# TODO: Arbitrary-Precision Floating-Point Engine
## Goal
- Replace the current `f64` execution engine with a true arbitrary-precision floating-point backend so that expressions such as `1/3` yield exact decimal expansions (subject to configured precision) and advanced functions (`sin`, `log`, etc.) benefit from configurable precision.
## Proposed Direction
1. **Backend Choice**
- Adopt `rug::Float` (MPFR bindings) to gain configurable precision, round modes, and a complete math function set.
- Evaluate binary size & dependencies (MPFR/GMP) implications for release artifacts.
2. **Precision Management**
- Map `scale=` to both output formatting and internal precision:
- Compute required bits (e.g., `scale * log2(10) + margin`) for `Float::with_val`.
- Allow overriding via env/CLI if higher precision is desired.
3. **Engine Refactor**
- Replace `f64` values in `BcExecuter`, histories, variable scopes, and functions with `Float`.
- Update `StatementOutcome` to carry `Float`.

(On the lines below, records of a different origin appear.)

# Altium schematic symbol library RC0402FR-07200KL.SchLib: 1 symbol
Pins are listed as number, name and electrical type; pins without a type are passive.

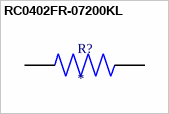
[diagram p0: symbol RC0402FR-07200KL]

## RC0402FR-07200KL
designator R?
200 kOhms Â±1% 0.063W, 1/16W Chip Resistor 0402 (1005 Metric) Moisture Resistant Thick Film; MF: Yageo; MP: RC0402FR-07200KL
footprint RESC1005X40N
pins: 1, 2
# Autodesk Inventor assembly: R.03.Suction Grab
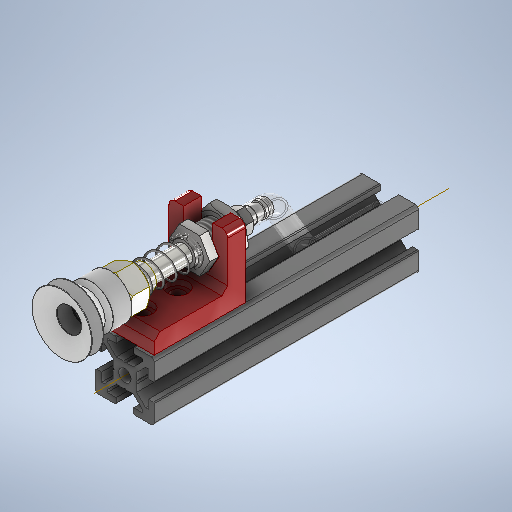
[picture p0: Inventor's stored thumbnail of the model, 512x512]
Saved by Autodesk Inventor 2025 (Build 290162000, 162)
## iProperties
Created: 2021-02
Part Number: R.03.Suction Grab
Document SubType Name: Assembly
Designer: Михальчик
Author: Михальчик
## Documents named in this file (11)
- C:\Users\Ryzen5700u\Desktop\robot_cicloidale_singolo\Workgroups\NotInProject\ventosa_20mm.iam
- C:\Users\Ryzen5700u\Desktop\robot_cicloidale_singolo\Workgroups\NotInProject\R.03.01.Cup.ipt
- C:\Users\Ryzen5700u\Desktop\robot_cicloidale_singolo\Workgroups\NotInProject\R.03.02.Tube.ipt
- C:\Users\Ryzen5700u\Desktop\robot_cicloidale_singolo\Workgroups\NotInProject\Compress Spring11.ipt
- C:\Users\Ryzen5700u\Desktop\robot_cicloidale_singolo\Workgroups\NotInProject\R.03.04.Fitting.ipt
- C:\Users\Ryzen5700u\Desktop\robot_cicloidale_singolo\Workgroups\NotInProject\DIN 3771 - 5 x 1,8 - N - NBR 70(2).ipt
- C:\Users\Ryzen5700u\Desktop\robot_cicloidale_singolo\Workgroups\NotInProject\R.03.05.Interface.ipt
- C:\Users\Ryzen5700u\Desktop\robot_cicloidale_singolo\Workgroups\NotInProject\R.03.06.Nut.ipt
- C:\Users\Ryzen5700u\Desktop\robot_cicloidale_singolo\Workgroups\NotInProject\blocco_ventosa_profilato.ipt
- C:\Users\Ryzen5700u\Desktop\robot_cicloidale_singolo\Workgroups\NotInProject\tubo_silicone.ipt
- C:\Users\Ryzen5700u\Desktop\robot_cicloidale_singolo\Workgroups\NotInProject\tslot-20x20-100mm.ipt
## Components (10 placed, 10 different names)
1. R.03.01.Cup:1 — Mate:1, Mate:2
2. R.03.02.Tube:1 — Mate:1, Mate:2, Mate:3, Flush:1, Mate:4, Mate:6, Rigido:1, Coincidente:12
3. R.03.03.Spring:1 — Mate:3, Flush:1, Mate:7
4. R.03.04.Fitting:1 — Mate:4, Rigido:1, Allineato:4
5. DIN 3771 - 5 x 1,8 - N - NBR 70(2):1 — Rotazionale:1
6. R.03.05.Interface:1 — Mate:6, Mate:7, Mate:8, Rotazionale:1, Angolo:2, Coincidente:11
7. R.03.06.Nut:1 — Mate:8, Coincidente:13
8. blocco_ventosa_profilato:1
9. tslot-20x20-100mm:1 — Coincidente:10, Allineato:2, Allineato:5
10. tubo_silicone:1 — Allineato:4
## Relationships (18: Mate 11, Flush 4, RevoluteJoint 1, WeldJoint 1, Angle 1)
- Mate:1: R.03.01.Cup:1 ↔ R.03.02.Tube:1
- Mate:2: R.03.01.Cup:1 ↔ R.03.02.Tube:1
- Mate:3: R.03.02.Tube:1 ↔ R.03.03.Spring:1
- Flush:1: R.03.02.Tube:1 ↔ R.03.03.Spring:1
- Mate:4: R.03.02.Tube:1 ↔ R.03.04.Fitting:1
- Mate:6: R.03.02.Tube:1 ↔ R.03.05.Interface:1
- Mate:7: R.03.03.Spring:1 ↔ R.03.05.Interface:1
- Mate:8: R.03.05.Interface:1 ↔ R.03.06.Nut:1
- Rotazionale:1 [RevoluteJoint]: DIN 3771 - 5 x 1,8 - N - NBR 70(2):1 ↔ R.03.05.Interface:1
- Rigido:1 [WeldJoint]: R.03.02.Tube:1 ↔ R.03.04.Fitting:1
- Coincidente:10 [Mate]: tslot-20x20-100mm:1
- Allineato:2 [Flush]: tslot-20x20-100mm:1
- Allineato:4 [Flush]: R.03.04.Fitting:1 ↔ tubo_silicone:1
- Angolo:2 [Angle]: R.03.05.Interface:1
- Coincidente:11 [Mate]: R.03.05.Interface:1
- Allineato:5 [Flush]: tslot-20x20-100mm:1
- Coincidente:12 [Mate]: R.03.02.Tube:1
- Coincidente:13 [Mate]: R.03.06.Nut:1

- Re-implement built-ins (trig, logs, `length`, `scale`, `rand`, `srand`, etc.) using MPFR equivalents.
4. **Formatting & Bases**
- Rework `format_result` to produce bc-style strings via `Float`:
- Handle obase formatting (base 2–36) for both integer and fractional parts.
- Maintain bc conventions like stripping leading zero before decimal.
5. **Randomness**
- Decide on random strategy:
- Use MPFR’s random functions (requires RNG state).
- Or derive from deterministic integer RNG converted to `Float`.
6. **Testing & Docs**
- Update test suite expectations for high precision (`scale>=20`) and fractional base outputs.
- Document new precision semantics, dependency requirements, and performance considerations in README / CLI help.
## Open Questions
- Static vs dynamic linking for MPFR/GMP in release builds.
- Default precision (current `scale=20` vs larger default for better accuracy).
- Performance benchmarks & potential caching of precision contexts.